What you need to do
Filter these entries, keeping only lines that hold the word "Structural".

Stored data
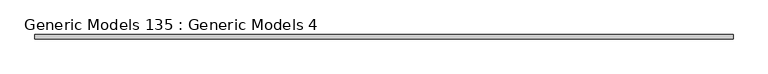
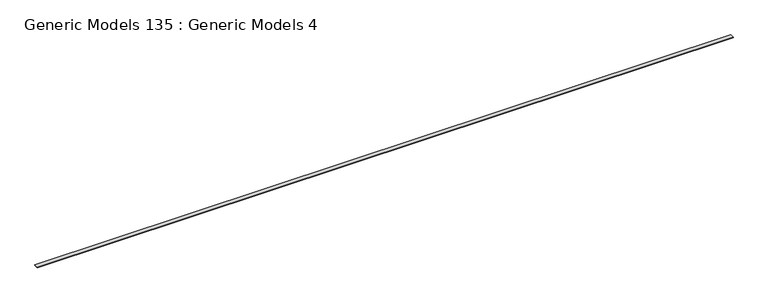
"""IFC4 building model written with IfcOpenShell, lengths in millimetres: proxy geometry, Generic Models 135 : Generic Models 4."""

from ifc_helpers import new_model, si_unit, frame, origin, place, context, project, spatial, polyline, outline, extrude, source, transform, mapped, element, save


def generic_models_135_generic_models_4_fa114a06(model_context):
    return source(origin(), model_context, "Body", "SweptSolid", [
        extrude(outline(polyline([(21700.7658099, 13370.5639146), (21700.7658099, 13282.8745053), (7781.5658099, 13282.8745053), (7781.5658099, 13370.5639146), (21700.7658099, 13370.5639146)])), frame((0.0, 0.0, 129263.3128468), z_axis=(0.0, 0.0, 1.0), x_axis=(1.0, 0.0, 0.0)), (0.0, 0.0, 1.0), 9.525),
    ])


if __name__ == "__main__":
    model = new_model("IFC4")
    model_context = context("Model", 3, world=origin())
    ifc_project = project(units=[si_unit("LENGTHUNIT", "METRE", prefix="MILLI")], contexts=[model_context])
    site = spatial("IfcSite", under=ifc_project)
    building = spatial("IfcBuilding", under=site)
    placement = place(None, origin())
    generic_models_135_generic_models_4_shape = generic_models_135_generic_models_4_fa114a06(model_context)
    element("IfcBuildingElementProxy", 1, Name="Generic Models 135 : Generic Models 4", ObjectType="Generic Models 135 : Generic Models 4", at=placement, inside=building, context=model_context, shape_type="MappedRepresentation", body=[
        mapped(generic_models_135_generic_models_4_shape, transform((0.0, 0.0, 0.0), x_axis=(1.0, 0.0, 0.0), y_axis=(0.0, 1.0, 0.0), z_axis=(0.0, 0.0, 1.0))),
    ])
    save(model, "model.ifc")

# Revit data of these elements
# Element 1 (IfcBuildingElementProxy, "Generic Models 135 : Generic Models 4")
#   Materials on its faces: "_BLOCKING AS REQUIRED"
# Materials
#   "_BLOCKING AS REQUIRED": class "Generic", colour RGB 177 130 114, transparency 0, Cost = 0
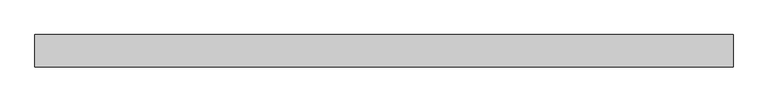
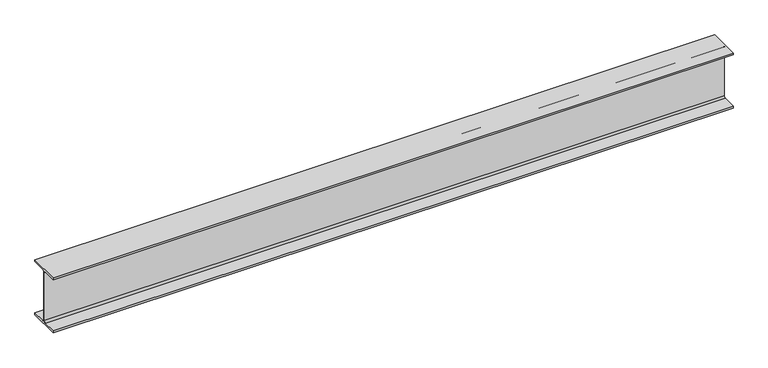
"""IFC4 building model written with IfcOpenShell, lengths in millimetres: beam geometry, Old_Steel Beam_H-KSD3502 : H_SB_ASB_H-200×200x8x12."""

from ifc_helpers import new_model, si_unit, point, frame, frame_2d, origin, place, context, project, spatial, polyline, circle_curve, trimmed, segment, composite_curve, outline, extrude, source, transform, mapped, element, save


def beam_b41741f2(model_context):
    return source(origin(), model_context, "Body", "SweptSolid", [
        extrude(outline(composite_curve([segment(polyline([(82.5, -141.5), (82.5, -151.7), (-82.5, -151.7), (-82.5, -141.5), (-11.9, -141.5)]), True, "CONTINUOUS"), segment(trimmed(circle_curve(frame_2d((-11.9, -132.6)), 8.9), [point((-11.9, -141.5))], [point((-3.0, -132.6))], True, "CARTESIAN"), True, "CONTINUOUS"), segment(polyline([(-3.0, -132.6), (-3.0, 132.6)]), True, "CONTINUOUS"), segment(trimmed(circle_curve(frame_2d((-11.9, 132.6)), 8.9), [point((-3.0, 132.6))], [point((-11.9, 141.5))], True, "CARTESIAN"), True, "CONTINUOUS"), segment(polyline([(-11.9, 141.5), (-82.5, 141.5), (-82.5, 151.7), (82.5, 151.7), (82.5, 141.5), (11.9, 141.5)]), True, "CONTINUOUS"), segment(trimmed(circle_curve(frame_2d((11.9, 132.6)), 8.9), [point((11.9, 141.5))], [point((3.0, 132.6))], True, "CARTESIAN"), True, "CONTINUOUS"), segment(polyline([(3.0, 132.6), (3.0, -132.6)]), True, "CONTINUOUS"), segment(trimmed(circle_curve(frame_2d((11.9, -132.6)), 8.9), [point((3.0, -132.6))], [point((11.9, -141.5))], True, "CARTESIAN"), True, "CONTINUOUS"), segment(polyline([(11.9, -141.5), (82.5, -141.5)]), True, "CONTINUOUS")], self_intersect=False)), frame((-1826.0344939, 0.0, 0.0), z_axis=(1.0, 0.0, 0.0), x_axis=(0.0, 1.0, 0.0)), (0.0, 0.0, 1.0), 3548.8457304),
    ])


if __name__ == "__main__":
    model = new_model("IFC4")
    model_context = context("Model", 3, world=origin())
    ifc_project = project(units=[si_unit("LENGTHUNIT", "METRE", prefix="MILLI")], contexts=[model_context])
    site = spatial("IfcSite", under=ifc_project)
    building = spatial("IfcBuilding", under=site)
    placement = place(None, origin())
    beam_shape = beam_b41741f2(model_context)
    element("IfcBeam", 1, ObjectType="Old_Steel Beam_H-KSD3502 : H_SB_ASB_H-200×200x8x12", at=placement, inside=building, context=model_context, shape_type="MappedRepresentation", body=[
        mapped(beam_shape, transform((0.0, 0.0, 0.0), x_axis=(1.0, 0.0, 0.0), y_axis=(0.0, 1.0, 0.0), z_axis=(0.0, 0.0, 1.0))),
    ])
    save(model, "model.ifc")

# Revit data of these elements
# Type "Old_Steel Beam_H-KSD3502 : H_SB_ASB_H-200×200x8x12"
#   Width = 20.0 cm
#   Web Thickness = 0.8 cm
#   Web Fillet = 1.3 cm
#   Warping Constant = 141376.0 cm⁶
#   Torsional Moment of Inertia = 26.2485 cm⁴
#   Torsional Modulus = 1.0 cm³
#   Section Area = 63.53 cm²
#   Plastic Modulus weak axis = 244.0 cm³
#   Plastic Modulus strong axis = 525.0 cm³
#   Perimeter = 1.16 m²/m
#   Nominal Weight = 49.90 kgf/m
#   Moment of Inertia weak axis = 1600.00 cm⁴
#   Moment of Inertia strong axis = 4720.00 cm⁴
#   Height = 20.0 cm
#   Flange Thickness = 1.2 cm
#   Elastic Modulus weak axis = 160.0 cm³
#   Elastic Modulus strong axis = 472.0 cm³
#   Centroid Vertical = 10.0 cm
#   Centroid Horizontal = 10.0 cm
#   Length [instance default] = 1.5240 m
#   Structural Material [instance default] = Steel, 45-345
#   Assembly Code = ""
# Element 1 (IfcBeam, "Old_Steel Beam_H-KSD3502 : H_SB_ASB_H-200×200x8x12")
#   Structural Material = none
# Materials
#   "Steel, 45-345": class "Metal", colour RGB 189 187 185, transparency 0, Description = "Steel 345 MPa", Cost = 0

Response to this exercise
#   Structural Material [instance default] = Steel, 45-345
#   Structural Material = none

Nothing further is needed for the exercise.